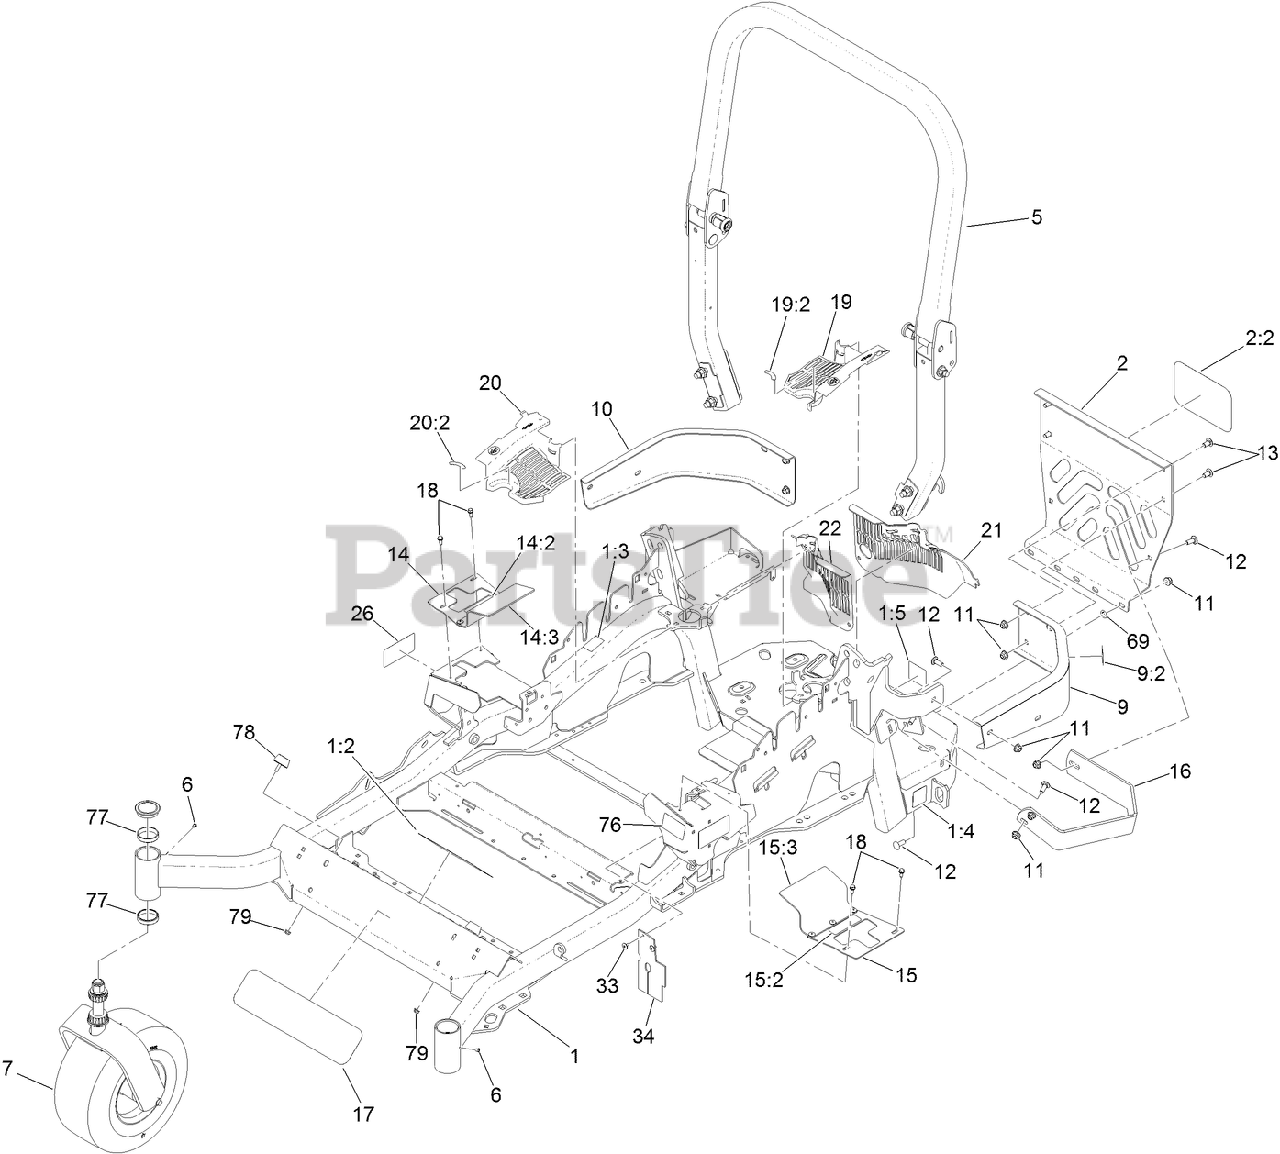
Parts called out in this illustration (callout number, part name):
1	MAINFRAME ASM
1:2	DECAL-DANGER
1:3	DECAL-WARNING
1:4	DECAL-HAZARD, PINCHED FINGER
1:5	DECAL-SPARK ARRESTER
2	REAR GUARD ASM
2:2	DECAL
5	ROPS ASM
7	Deck ASM
9	LH BUMPER ASM
9:2	DECAL-WARNING
10	BUMPER-RH
11	NUT-HF, NI
12	SCREW-CARR
13	SCREW-CARR
14	RH MOTION CONTROL COVER ASM
14:2	DECAL-CONTROL, MOTION
14:3	FLAP-RUBBER
15	LH MOTION CONTROL COVER ASM
15:2	DECAL-CONTROL, MOTION
15:3	FLAP-RUBBER
16	GUARD-MUFFLER
18	SCREW-HWH
19	LH HYDRO GUARD ASM
19:2	DECAL-OIL, HYDRO
20	RH HYDRO GUARD ASM
20:2	DECAL-OIL, HYDRO
21	GUARD-HYDRO REAR, LH TRIM
22	GUARD-HYDRO, REAR (RH)
33	RIVET-POP
34	DEFLECTOR-AIR FLOW
69	NUT-PUSH
76	DECAL-FUEL FILL, CE
77	CUP-BEARING
78	BUMPER
79	NUT-HF

# WHAT NEEDS TO BE DONE:
Give the number of lines in the listing that contain the word "MOTION", leaving out all other words.

# SOLUTION FOR THIS TASK:
4